--- DATA Enclosed Below ---

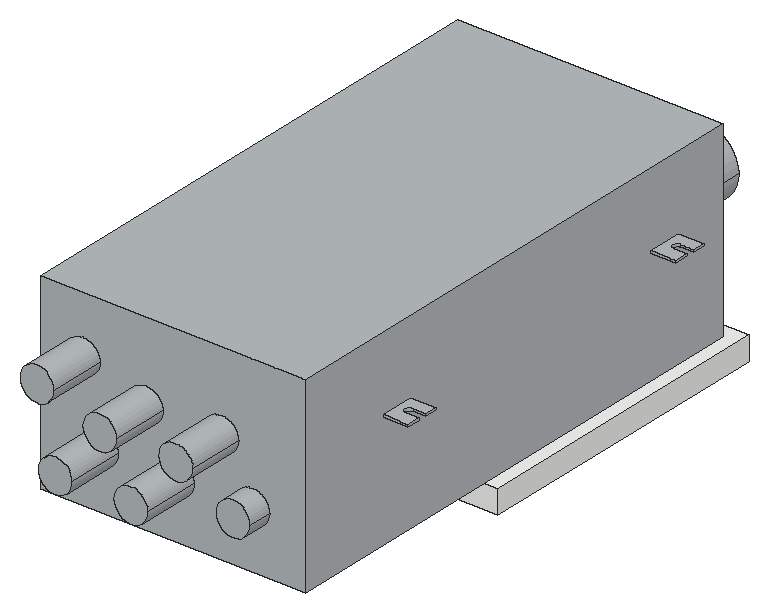
Revit family "vl-08_11zm(h)(v)2_60Hz", category 機械設備, Revit 2019
Family settings
  丸型コネクタ寸法 = 直径を使用
  パーツ タイプ = 標準
  OmniClass 番号 = 23.75.35.17.17.11
  OmniClass タイトル = Ceiling Fans
  作業面ベース = いいえ
  常に垂直 = はい
  ロード時にボイドで切り取り = いいえ
  共有 = いいえ
  部屋計算ポイント = はい
Parameters (values of type "VL-08ZF2")
  騒音レベル(dB(A)) [instance] = 25
  風量 [instance] = 設計風量  # 0.0 m³/h
  面風速 = 3.01 m/s
  電源種別 [instance] = ""
  電圧 = 100 V
  電動機出力 = 0 W
  電動機_種別 [instance] = ""
  集中コントローラ = ""
  運転質量 = 0.00 kg
  連動 [instance] = ""
  質量 = if(製品質量 > 運転質量, 製品質量, 運転質量) * 1.2  # 15.84 kg
  負荷分類 = 3_ファン類
  説明 = "ロスナイセントラル換気システム 天井カセット形"
  設計風量 [instance] = 0.0 m³/h
  設置方法 = "カセット形"
  記号 [instance] = ""
  製造元 = "三菱電機株式会社"
  製品質量 = 13.20 kg
  製品出荷対象 = "国内"
  製品リリース年月 = "2022/6/1"
  製品グループ = ""
  系統 [instance] = ""
  符号 [instance] = if(☑給気／□排気, "FS", "FE")  # "FE"
  積算_科目 = "1 空気調和設備"
  積算_拾い区分 [instance] = ""
  相 = 1
  盤記号 [instance] = ""
  発停方法 [instance] = ""
  特殊仕様 [instance] = ""
  火災停止 [instance] = ""
  温度交換効率 = 73.00%
  消費電力 = 39.5 W
  法定耐用年数 = "15"
  機外静圧_排気 = 13.0 Pa
  機外静圧 [instance] = 40.0 Pa
  極数 = 2
  材質 [instance] = ""
  操作・制御方式 = ""
  操作・制御スイッチ = ""
  排気量 [instance] = if(☑給気／□排気, 0.0 m³/h, 設計風量)  # 0.0 m³/h
  形式 = "カセット形"
  幹線記号 [instance] = ""
  対象室 [instance] = ""
  実風量 [instance] = 0.0 m³/h
  始動方式 [instance] = "直入"
  天吊金具ピッチ3 = 272 mm
  天吊金具ピッチ2 = 215 mm
  天吊金具ピッチ1 = 423 mm
  天吊金具_高さ = 168 mm
  天吊金具_径 = 13 mm
  天吊金具_幅 = 460 mm
  外気量 [instance] = if(☑給気／□排気, 設計風量, 0.0 m³/h)  # 0.0 m³/h
  呼称 = "全熱交換ユニット"
  周波数 = 60 Hz
  参照している仕様書等のバージョン = ""
  初期抵抗 = 0.0 Pa
  分類コード = "50052504100070"
  分類グループ = ""
  価格 = 92400
  企業コード = "108420"
  付属品_防振装置 = ""
  付属品_フィルター_還気 = ""
  付属品_フィルター = ""
  付属品 [instance] = ""
  仕様書バージョン = "Version1.0"
  モデル = "VL-08ZF2"
  マテリアル = 溶融亜鉛めっき鋼板
  ファンの種類 = ""
  ダクト径2 = 100 mm
  ダクト径 = 50 mm
  コメント [instance] = ""
  Keynote = ""
  カバーマテリアル = 合成樹脂(白)
  エンタルピ交換効率_暖房 = 58.00%
  エンタルピ交換効率_冷房 = 49.00%
  Assembly Code = ""
  ☑給気／□排気 [instance] = no
  Width = 385 mm
  W1 = 425 mm
  Version = ""
  Uniclass2015Version = "Systems v1.9"
  Uniclass2015Title = "Thermal wheels"
  Uniclass2015Code = "Pr_60_60_36_88"
  URL = "https://www.mitsubishielectric.co.jp/ldg/wink/ssl/displayProduct.do?pid=320815"
  SpecificationReference = ""
  SpecificationDescription = ""
  SAサイズ_D = 49 mm
  Revision = ""
  RAサイズ_D = 49 mm
  ProductInformation = ""
  OmniClassCode = "23-27 23 19 11"
  OAサイズ_D = 98 mm
  MIN風量 = 55.0 m³/h
  MIN静圧 = 17.0 Pa
  MID風量 = 0.0 m³/h
  MID静圧 = 0.0 Pa
  MAX風量 = 85.0 m³/h
  MAX静圧 = 40.0 Pa
  IfcTypeProduct = ""
  IfcProduct = ""
  IfcExportType = "ROTARYWHEEL"
  IfcExportAs = "IfcAirToAirHeatRecoveryType"
  Height = 277 mm
  H1 = 34 mm
  EAサイズ_D = 98 mm
  Duct_SA_W3 = 5 mm
  Duct_SA_W2 = 65 mm
  Duct_SA_W1 = 45 mm
  Duct_SA_H1 = 79 mm
  Duct_SA_H2 = 84 mm
  Duct_RA_W = 61 mm
  Duct_SA_W4 = 110 mm
  Duct_RA_H = 194 mm
  Duct_OA_W = 35 mm
  Duct_OA_H = 108 mm
  Duct_EA_W = 115 mm
  Duct_EA_H = 174 mm
  Duct_Depth3 = 35 mm
  Duct_Depth2 = 63 mm
  Duct_Depth1 = 83 mm
  Depth = 758 mm
  D2 = 172 mm
  D1 = 455 mm
  Author = "三菱電機株式会社"
Types (5, lengths in mm): name | 騒音レベル(dB(A)) | 面風速 | 質量 | 製品質量 | 温度交換効率 | 消費電力 | 機外静圧_排気 | 機外静圧 | 価格 | モデル | エンタルピ交換効率_暖房 | エンタルピ交換効率_冷房 | URL | MIN風量 | MIN静圧 | MID風量 | MID静圧 | MAX風量 | MAX静圧
  VL-11ZFHV2 | 30 | 3.89 m/s | 14.76 kg | 12.30 kg | 80.00% | 27 W | 22.0 Pa | 68.0 Pa | 169000 | "VL-11ZFHV2" | 72.00% | 72.00% | "https://www.mitsubishielectric.co.jp/ldg/wink/ssl/displayProduct.do?pid=320823" | 70.0 m³/h | 27.0 Pa | 88.0 m³/h | 43.0 Pa | 110.0 m³/h | 68.0 Pa
  VL-11ZFH2 | 30 | 3.71 m/s | 15.84 kg | 13.20 kg | 78.00% | 62 W | 20.0 Pa | 68.0 Pa | 137300 | "VL-11ZFH2" | 70.00% | 70.00% | "https://www.mitsubishielectric.co.jp/ldg/wink/ssl/displayProduct.do?pid=320822" | 60.0 m³/h | 20.0 Pa | 0.0 m³/h | 0.0 Pa | 105.0 m³/h | 68.0 Pa
  VL-11ZF2 | 29 | 3.89 m/s | 15.84 kg | 13.20 kg | 65.00% | 57 W | 22.0 Pa | 68.0 Pa | 129400 | "VL-11ZF2" | 52.00% | 42.00% | "https://www.mitsubishielectric.co.jp/ldg/wink/ssl/displayProduct.do?pid=320821" | 60.0 m³/h | 20.0 Pa | 0.0 m³/h | 0.0 Pa | 110.0 m³/h | 68.0 Pa
  VL-08ZFH2 | 27 | 3.01 m/s | 15.84 kg | 13.20 kg | 86.00% | 45 W | 13.0 Pa | 40.0 Pa | 103000 | "VL-08ZFH2" | 78.00% | 78.00% | "https://www.mitsubishielectric.co.jp/ldg/wink/ssl/displayProduct.do?pid=320816" | 55.0 m³/h | 17.0 Pa | 0.0 m³/h | 0.0 Pa | 85.0 m³/h | 40.0 Pa
  VL-08ZF2 | 25 | 3.01 m/s | 15.84 kg | 13.20 kg | 73.00% | 39.5 W | 13.0 Pa | 40.0 Pa | 92400 | "VL-08ZF2" | 58.00% | 49.00% | "https://www.mitsubishielectric.co.jp/ldg/wink/ssl/displayProduct.do?pid=320815" | 55.0 m³/h | 17.0 Pa | 0.0 m³/h | 0.0 Pa | 85.0 m³/h | 40.0 Pa
Reference planes
  plane 1 "中心(正面/背面)": y = 0
  plane 2: z = 0
  plane 3 "中心(左/右)": x = 0
  plane 4: z = 277
  plane 5: z = -34
  plane 6: z = 25
  plane 7: y = 172
  plane 8: y = 399.5
  plane 9: y = -55.5
  plane 10: x = -212.5
  plane 11: x = 212.5
  plane 12: x = -192.5
  plane 13: x = 192.5
  plane 14: y = 379
  plane 15: y = -379
  plane 16: z = 84
  plane 17: z = 163
  plane 18: z = 194
  plane 19: x = -131.5
  plane 20: x = -105
  plane 21: x = -40
  plane 22: x = 70
  plane 23: x = 5
  plane 24: x = 115
  plane 25: y = -462
  plane 26: x = 115
  plane 27: x = -35
  plane 28: z = 108
  plane 29: z = 174
  plane 30: y = 442
  plane 31: x = 230
  plane 32: x = -230
  plane 33: y = -414
  plane 34: x = -211.5
  plane 35: x = 211.5
  plane 36: y = 272
  plane 37: y = -215
  plane 38: z = 171
  plane 39: z = 168
Forms (mm)
  Extrusion 1, solid, material "溶融亜鉛めっき鋼板" <- "マテリアル", detail levels fine
    sketch origin (0, 0, 0) x (1, 0, 0) y (0, 1, 0)
      loop
        line (-192.5, -379) -> (192.5, -379) -> (192.5, 379) -> (-192.5, 379) -> (-192.5, -379)
    from 0 to 277
  Extrusion 2, solid, material "合成樹脂(白)" <- "カバーマテリアル", detail levels fine
    sketch origin (0, 0, 0) x (1, 0, 0) y (0, 1, 0)
      loop
        line (-212.5, -55.5) -> (212.5, -55.5) -> (212.5, 399.5) -> (-212.5, 399.5) -> (-212.5, -55.5)
    from -34 to 0
  Extrusion 3, solid, material "溶融亜鉛めっき鋼板" <- "マテリアル", detail levels fine
    sketch origin (0, 0, 0) x (1, 0, 0) y (0, 0, 1)
      loop
        circle (-131.5, 194) r 24.5
      loop
        circle (-105, 84) r 24.5
      loop
        circle (-40, 163) r 24.5
      loop
        circle (5, 84) r 24.5
      loop
        circle (70, 163) r 24.5
    from 379 to 462
  Extrusion 4, solid, material "溶融亜鉛めっき鋼板" <- "マテリアル", detail levels fine
    sketch origin (0, 0, 0) x (1, 0, 0) y (0, 0, 1)
      loop
        circle (115, 174) r 49
      loop
        circle (-35, 108) r 49
    from -442 to -379
  Extrusion 5, solid, material "溶融亜鉛めっき鋼板" <- "マテリアル", detail levels fine
    sketch origin (0, 0, 0) x (1, 0, 0) y (0, 0, 1)
      loop
        circle (115, 84) r 24.5
    from 379 to 414
  Extrusion 6, solid, material "溶融亜鉛めっき鋼板" <- "マテリアル", detail levels fine
    sketch origin (0, 0, 0) x (1, 0, 0) y (0, 1, 0)
      loop
        line (-230, 278.5) -> (-211.5, 278.5)
        arc (-211.5, 278.5) -> (-205, 272) -> (-211.5, 265.5) r 6.5
        line (-211.5, 265.5) -> (-230, 265.5) -> (-230, 246) -> (-192.5, 246) -> (-192.5, 296) -> (-230, 296) -> (-230, 278.5)
      loop
        line (230, 278.5) -> (230, 296) -> (192.5, 296) -> (192.5, 246) -> (230, 246) -> (230, 265.5) -> (211.5, 265.5)
        arc (211.5, 265.5) -> (205, 272) -> (211.5, 278.5) r 6.5
        line (211.5, 278.5) -> (230, 278.5)
      loop
        line (-230, -221.5) -> (-230, -241) -> (-192.5, -241) -> (-192.5, -191) -> (-230, -191) -> (-230, -208.5) -> (-211.5, -208.5)
        arc (-211.5, -208.5) -> (-205, -215) -> (-211.5, -221.5) r 6.5
        line (-211.5, -221.5) -> (-230, -221.5)
      loop
        line (230, -221.5) -> (211.5, -221.5)
        arc (211.5, -221.5) -> (205, -215) -> (211.5, -208.5) r 6.5
        line (211.5, -208.5) -> (230, -208.5) -> (230, -190) -> (192.5, -190) -> (192.5, -240) -> (230, -240) -> (230, -221.5)
    from 168 to 171
Lines and regions (mm)
  Masking region 1, detail levels coarse+medium
    outline origin (2764.839, 23, 0) x (1, 0, 0) y (0, 1, 0)
      loop
        line (-2957.339, 356) -> (-2957.339, -402) -> (-2572.339, -402) -> (-2572.339, 356) -> (-2957.339, 356)
  symbolic lines, detail levels coarse+medium
    curve 1: line (192.5, 0, 0) -> (0, 379, 0)
    curve 2: line (-192.5, 0, 0) -> (0, 379, 0)
    curve 3: line (192.5, 0, 0) -> (0, -379, 0)
    curve 4: line (-192.5, 0, 0) -> (0, -379, 0)
Dimensions and locks
  "H1": plane 2 to plane 5
  "D2": plane 7 to plane 1 "中心(正面/背面)"
  equal spacing: plane 8, plane 7, plane 9
  "D1": plane 8 to plane 9
  equal spacing: plane 10, plane 3 "中心(左/右)", plane 11
  "W1": plane 10 to plane 11
  equal spacing: plane 12, plane 3 "中心(左/右)", plane 13
  "Width": plane 12 to plane 13
  equal spacing: plane 14, plane 1 "中心(正面/背面)", plane 15
  "Depth": plane 14 to plane 15
  "Duct_RA_W": plane 19 to plane 12
  "Duct_SA_W4": plane 24 to plane 23 to plane 20
  "Duct_SA_H1": plane 17 to plane 16
  "Duct_EA_W": plane 3 "中心(左/右)" to plane 26
  "Duct_OA_W": plane 3 "中心(左/右)" to plane 27
  "Duct_Depth1": plane 15 to plane 25
  "Duct_Depth2": plane 30 to plane 14
  "Duct_Depth3": plane 15 to plane 33
  equal spacing: plane 32, plane 3 "中心(左/右)", plane 31
  "天吊金具_幅": plane 32 to plane 31
  equal spacing: plane 34, plane 3 "中心(左/右)", plane 35
  "天吊金具ピッチ1": plane 34 to plane 35
  Extrusion 6 sketch curve to Extrusion 6 sketch curve = 50 mm  (x4)
  locked: plane 38 to plane 39 at 3
  "Height": plane 4 to plane 2
  "Duct_RA_H": plane 18 to plane 2
  "Duct_SA_H2": plane 16 to plane 2
  "Duct_OA_H": plane 28 to plane 2
  "Duct_EA_H": plane 29 to plane 2
  "Duct_SA_W1": plane 23 to plane 21
  "Duct_SA_W2": plane 22 to plane 23
  "Duct_SA_W3": plane 23 to plane 3 "中心(左/右)"
  "天吊金具ピッチ3": plane 36 to plane 1 "中心(正面/背面)"
  "天吊金具ピッチ2": plane 37 to plane 1 "中心(正面/背面)"
  "天吊金具_高さ": plane 39 to plane 2
  "RAサイズ_D": diameter of Extrusion 3 sketch curve
  "SAサイズ_D": diameter of Extrusion 3 sketch curve  (x4)
  "EAサイズ_D": diameter of Extrusion 4 sketch curve
  "OAサイズ_D": diameter of Extrusion 4 sketch curve
  "SAサイズ_D": diameter of Extrusion 5 sketch curve
  "天吊金具_径": diameter of Extrusion 6 sketch curve  (x4)
  aligned and locked: level to plane 2
  aligned and locked: Extrusion 1 sketch curve to plane 13
  aligned and locked: plane 14 to Extrusion 1 sketch curve
  aligned and locked: Extrusion 1 sketch curve to plane 12
  aligned and locked: plane 15 to Extrusion 1 sketch curve
  aligned and locked: plane 9 to Extrusion 2 sketch curve
  aligned and locked: Extrusion 2 sketch curve to plane 10
  aligned and locked: plane 8 to Extrusion 2 sketch curve
  aligned and locked: Extrusion 2 sketch curve to plane 11
  aligned and locked: Extrusion 2 to plane 5
  aligned and locked: plane 2 to Extrusion 2
  aligned and locked: plane 4 to Extrusion 1
  aligned and locked: Extrusion 3 to plane 25
  aligned and locked: Extrusion 3 to plane 15
  aligned and locked: plane 30 to Extrusion 4
  aligned and locked: Extrusion 4 to plane 14
  aligned and locked: Extrusion 5 to plane 33
  aligned and locked: Extrusion 5 to plane 15
  aligned and locked: plane 12 to Extrusion 6 sketch curve
  aligned and locked: plane 32 to Extrusion 6 sketch curve  (x2)
  aligned and locked: Extrusion 6 sketch curve to plane 13
  aligned and locked: Extrusion 6 sketch curve to plane 31  (x2)
  aligned and locked: Extrusion 6 sketch curve to plane 32  (x2)
  aligned and locked: Extrusion 6 sketch curve to plane 12
  aligned and locked: plane 13 to Extrusion 6 sketch curve
  aligned and locked: plane 31 to Extrusion 6 sketch curve  (x2)
  aligned and locked: plane 38 to Extrusion 6
  aligned and locked: Extrusion 6 to plane 39
  aligned and locked: nested 1 to plane 37
  aligned and locked: nested 1 to plane 36
  aligned and locked: plane 34 to nested 1
  aligned and locked: nested 1 to plane 35
  aligned and locked: Extrusion 1 to plane 2
  aligned and locked: Masking region 1 to plane 12
  aligned and locked: plane 14 to Masking region 1
  aligned and locked: plane 15 to Masking region 1
  aligned and locked: Masking region 1 to plane 13
  aligned and locked: Masking region 1 to curve 1
  aligned and locked: plane 3 "中心(左/右)" to curve 2
  aligned and locked: plane 1 "中心(正面/背面)" to curve 2
  aligned and locked: plane 12 to curve 4
  aligned and locked: plane 15 to curve 3
  aligned and locked: plane 13 to curve 3
Automatic sketch dimensions
  plane 27 to Extrusion 4 sketch curve = 0 mm
  plane 26 to Extrusion 4 sketch curve = 0 mm
  Extrusion 4 sketch curve to plane 28 = 0 mm
  Extrusion 4 sketch curve to plane 29 = 0 mm
  Extrusion 3 sketch curve to plane 18 = 0 mm
  Extrusion 3 sketch curve to plane 19 = 0 mm
  Extrusion 3 sketch curve to plane 16 = 0 mm  (x2)
  Extrusion 3 sketch curve to plane 20 = 0 mm
  Extrusion 3 sketch curve to plane 17 = 0 mm  (x2)
  Extrusion 3 sketch curve to plane 21 = 0 mm
  Extrusion 3 sketch curve to plane 23 = 0 mm
  Extrusion 3 sketch curve to plane 22 = 0 mm
  Extrusion 5 sketch curve to plane 16 = 0 mm
  Extrusion 5 sketch curve to plane 24 = 0 mm
  Masking region 1 sketch curve to plane 12 = 0 mm
  Masking region 1 sketch curve to plane 13 = 0 mm
  plane 15 to Masking region 1 sketch curve = 0 mm
  Masking region 1 sketch curve to plane 14 = 0 mm
  curve 3 to plane 3 "中心(左/右)" = 0 mm
  plane 1 "中心(正面/背面)" to curve 3 = 0 mm
  Extrusion 6 sketch curve to plane 34 = 0 mm  (x2)
  Extrusion 6 sketch curve to plane 35 = 0 mm  (x2)
  plane 37 to Extrusion 6 sketch curve = 0 mm  (x2)
  Extrusion 6 sketch curve to plane 36 = 0 mm  (x2)
  Extrusion 6 sketch curve to Extrusion 6 sketch curve = 19.5 mm  (x3)
  plane 37 to Extrusion 6 sketch curve = 25 mm
Nested families
  nested 1: "固定点" at (-211.5, -215, 0), type "固定点"
    with W 423 mm, D 487 mm
Connectors
  hvac at (-131.5, -462, 194), driven by "ダクト径", driven by "機外静圧", driven by "風量"
    settings: on Extrusion 3, index 1, duct flow 0.0 m³/h, flow factor 0, pres drop 40.0 Pa, loss coef 0, conn angle 0.00°, conn width 304.8 mm, conn height 304.8 mm, conn diameter 50 mm, duct sys type 2, conn prof type 0, flow config 0, flow direction 1, loss method 4, conn ref index -1, conn util no, is conn primary yes, conn desc ""
  hvac at (-40, -462, 163), driven by "ダクト径", driven by "機外静圧", driven by "風量"
    settings: on Extrusion 3, index 2, duct flow 0.0 m³/h, flow factor 0, pres drop 40.0 Pa, loss coef 0, conn angle 0.00°, conn width 304.8 mm, conn height 304.8 mm, conn diameter 50 mm, duct sys type 1, conn prof type 0, flow config 0, flow direction 2, loss method 4, conn ref index -1, conn util no, is conn primary no, conn desc ""
  hvac at (70, -462, 163), driven by "ダクト径", driven by "機外静圧", driven by "風量"
    settings: on Extrusion 3, index 3, duct flow 0.0 m³/h, flow factor 0, pres drop 40.0 Pa, loss coef 0, conn angle 0.00°, conn width 304.8 mm, conn height 304.8 mm, conn diameter 50 mm, duct sys type 1, conn prof type 0, flow config 0, flow direction 2, loss method 4, conn ref index -1, conn util no, is conn primary no, conn desc ""
  hvac at (-131.5, -462, 194), driven by "ダクト径", driven by "機外静圧", driven by "風量"
    settings: on Extrusion 3, index 4, duct flow 0.0 m³/h, flow factor 0, pres drop 40.0 Pa, loss coef 0, conn angle 0.00°, conn width 304.8 mm, conn height 304.8 mm, conn diameter 50 mm, duct sys type 2, conn prof type 0, flow config 0, flow direction 1, loss method 4, conn ref index -1, conn util no, is conn primary no, conn desc ""
  hvac at (5, -462, 84), driven by "ダクト径", driven by "機外静圧", driven by "風量"
    settings: on Extrusion 3, index 5, duct flow 0.0 m³/h, flow factor 0, pres drop 40.0 Pa, loss coef 0, conn angle 0.00°, conn width 304.8 mm, conn height 304.8 mm, conn diameter 50 mm, duct sys type 1, conn prof type 0, flow config 0, flow direction 2, loss method 4, conn ref index -1, conn util no, is conn primary no, conn desc ""
  hvac at (-105, -462, 84), driven by "ダクト径", driven by "機外静圧", driven by "風量"
    settings: on Extrusion 3, index 6, duct flow 0.0 m³/h, flow factor 0, pres drop 40.0 Pa, loss coef 0, conn angle 0.00°, conn width 304.8 mm, conn height 304.8 mm, conn diameter 50 mm, duct sys type 1, conn prof type 0, flow config 0, flow direction 2, loss method 4, conn ref index -1, conn util no, is conn primary no, conn desc ""
  hvac at (115, 442, 174), driven by "機外静圧", driven by "排気量", driven by "ダクト径2"
    settings: on Extrusion 4, index 7, duct flow 0.0 m³/h, flow factor 0, pres drop 40.0 Pa, loss coef 0, conn angle 0.00°, conn width 304.8 mm, conn height 304.8 mm, conn diameter 100 mm, duct sys type 3, conn prof type 0, flow config 0, flow direction 2, loss method 4, conn ref index -1, conn util no, is conn primary no, conn desc ""
  hvac at (-35, 442, 108), driven by "ダクト径2", driven by "機外静圧", driven by "外気量"
    settings: on Extrusion 4, index 8, duct flow 0.0 m³/h, flow factor 0, pres drop 40.0 Pa, loss coef 0, conn angle 0.00°, conn width 304.8 mm, conn height 304.8 mm, conn diameter 100 mm, duct sys type 4, conn prof type 0, flow config 0, flow direction 1, loss method 4, conn ref index -1, conn util no, is conn primary no, conn desc ""
  hvac at (115, -414, 84), driven by "ダクト径", driven by "機外静圧", driven by "風量"
    settings: on Extrusion 5, index 9, duct flow 0.0 m³/h, flow factor 0, pres drop 40.0 Pa, loss coef 0, conn angle 0.00°, conn width 304.8 mm, conn height 304.8 mm, conn diameter 50 mm, duct sys type 1, conn prof type 0, flow config 0, flow direction 2, loss method 4, conn ref index -1, conn util no, is conn primary no, conn desc ""
Definition of nested family "固定点"
  Parameters (values of type "固定点")
    中心円 = 20 mm
    W [instance] = 1000 mm
    D [instance] = 1000 mm
  Reference planes
    plane 1 "中心(正面/背面)": y = 0
    plane 2: z = 0
    plane 3 "中心(左/右)": x = 0
    plane 4: x = 1000
    plane 5: y = 1000
  Lines and regions (mm)
    symbolic lines, detail levels fine
      curve 1: circle (0, 1000, 0) r 10 normal (0, 0, 1)
      curve 2: circle (0, 0, 0) r 10 normal (0, 0, 1)
      curve 3: circle (1000, 1000, 0) r 10 normal (0, 0, 1)
      curve 4: circle (1000, 0, 0) r 10 normal (0, 0, 1)
      curve 5: line (-200, 1000, 0) -> (1200, 1000, 0)
      curve 6: line (-200, 0, 0) -> (1200, 0, 0)
      curve 7: line (0, 1200, 0) -> (0, -200, 0)
      curve 8: line (1000, 1200, 0) -> (1000, -200, 0)
  Dimensions and locks
    "W": plane 3 "中心(左/右)" to plane 4
    "D": plane 1 "中心(正面/背面)" to plane 5
    "中心円": diameter of curve 1
    "中心円": diameter of curve 2
    "中心円": diameter of curve 3
    "中心円": diameter of curve 4
    aligned and locked: level to plane 2
    aligned and locked: plane 5 to curve 1
    aligned and locked: plane 3 "中心(左/右)" to curve 1
    aligned and locked: plane 3 "中心(左/右)" to curve 2
    aligned and locked: plane 1 "中心(正面/背面)" to curve 2
    aligned and locked: plane 4 to curve 3
    aligned and locked: plane 5 to curve 3
    aligned and locked: plane 1 "中心(正面/背面)" to curve 4
    aligned and locked: plane 4 to curve 4
    aligned and locked: plane 1 "中心(正面/背面)" to curve 6
    aligned and locked: curve 7 to plane 3 "中心(左/右)"
    aligned and locked: curve 8 to plane 4
  Automatic sketch dimensions
    curve 5 to plane 5 = 0 mm
    curve 6 to plane 3 "中心(左/右)" = 200 mm
    curve 5 to plane 3 "中心(左/右)" = 200 mm
    curve 4 to curve 6 = 200 mm
    curve 3 to curve 5 = 200 mm
    plane 1 "中心(正面/背面)" to curve 8 = 200 mm
    plane 1 "中心(正面/背面)" to curve 7 = 200 mm
    curve 3 to curve 8 = 200 mm
    curve 1 to curve 7 = 200 mm

--- End of Enclosed DATA ---

- WORK TO COMPLETE:
Above are the entries. Output exactly the lines beginning with the line that has "ダクト径2 = 100 mm" and ending with the line that has "VL-11ZFHV2 | 30".

- EXERCISE SOLUTION:
  ダクト径2 = 100 mm
  ダクト径 = 50 mm
  コメント [instance] = ""
  Keynote = ""
  カバーマテリアル = 合成樹脂(白)
  エンタルピ交換効率_暖房 = 58.00%
  エンタルピ交換効率_冷房 = 49.00%
  Assembly Code = ""
  ☑給気／□排気 [instance] = no
  Width = 385 mm
  W1 = 425 mm
  Version = ""
  Uniclass2015Version = "Systems v1.9"
  Uniclass2015Title = "Thermal wheels"
  Uniclass2015Code = "Pr_60_60_36_88"
  URL = "https://www.mitsubishielectric.co.jp/ldg/wink/ssl/displayProduct.do?pid=320815"
  SpecificationReference = ""
  SpecificationDescription = ""
  SAサイズ_D = 49 mm
  Revision = ""
  RAサイズ_D = 49 mm
  ProductInformation = ""
  OmniClassCode = "23-27 23 19 11"
  OAサイズ_D = 98 mm
  MIN風量 = 55.0 m³/h
  MIN静圧 = 17.0 Pa
  MID風量 = 0.0 m³/h
  MID静圧 = 0.0 Pa
  MAX風量 = 85.0 m³/h
  MAX静圧 = 40.0 Pa
  IfcTypeProduct = ""
  IfcProduct = ""
  IfcExportType = "ROTARYWHEEL"
  IfcExportAs = "IfcAirToAirHeatRecoveryType"
  Height = 277 mm
  H1 = 34 mm
  EAサイズ_D = 98 mm
  Duct_SA_W3 = 5 mm
  Duct_SA_W2 = 65 mm
  Duct_SA_W1 = 45 mm
  Duct_SA_H1 = 79 mm
  Duct_SA_H2 = 84 mm
  Duct_RA_W = 61 mm
  Duct_SA_W4 = 110 mm
  Duct_RA_H = 194 mm
  Duct_OA_W = 35 mm
  Duct_OA_H = 108 mm
  Duct_EA_W = 115 mm
  Duct_EA_H = 174 mm
  Duct_Depth3 = 35 mm
  Duct_Depth2 = 63 mm
  Duct_Depth1 = 83 mm
  Depth = 758 mm
  D2 = 172 mm
  D1 = 455 mm
  Author = "三菱電機株式会社"
Types (5, lengths in mm): name | 騒音レベル(dB(A)) | 面風速 | 質量 | 製品質量 | 温度交換効率 | 消費電力 | 機外静圧_排気 | 機外静圧 | 価格 | モデル | エンタルピ交換効率_暖房 | エンタルピ交換効率_冷房 | URL | MIN風量 | MIN静圧 | MID風量 | MID静圧 | MAX風量 | MAX静圧
  VL-11ZFHV2 | 30 | 3.89 m/s | 14.76 kg | 12.30 kg | 80.00% | 27 W | 22.0 Pa | 68.0 Pa | 169000 | "VL-11ZFHV2" | 72.00% | 72.00% | "https://www.mitsubishielectric.co.jp/ldg/wink/ssl/displayProduct.do?pid=320823" | 70.0 m³/h | 27.0 Pa | 88.0 m³/h | 43.0 Pa | 110.0 m³/h | 68.0 Pa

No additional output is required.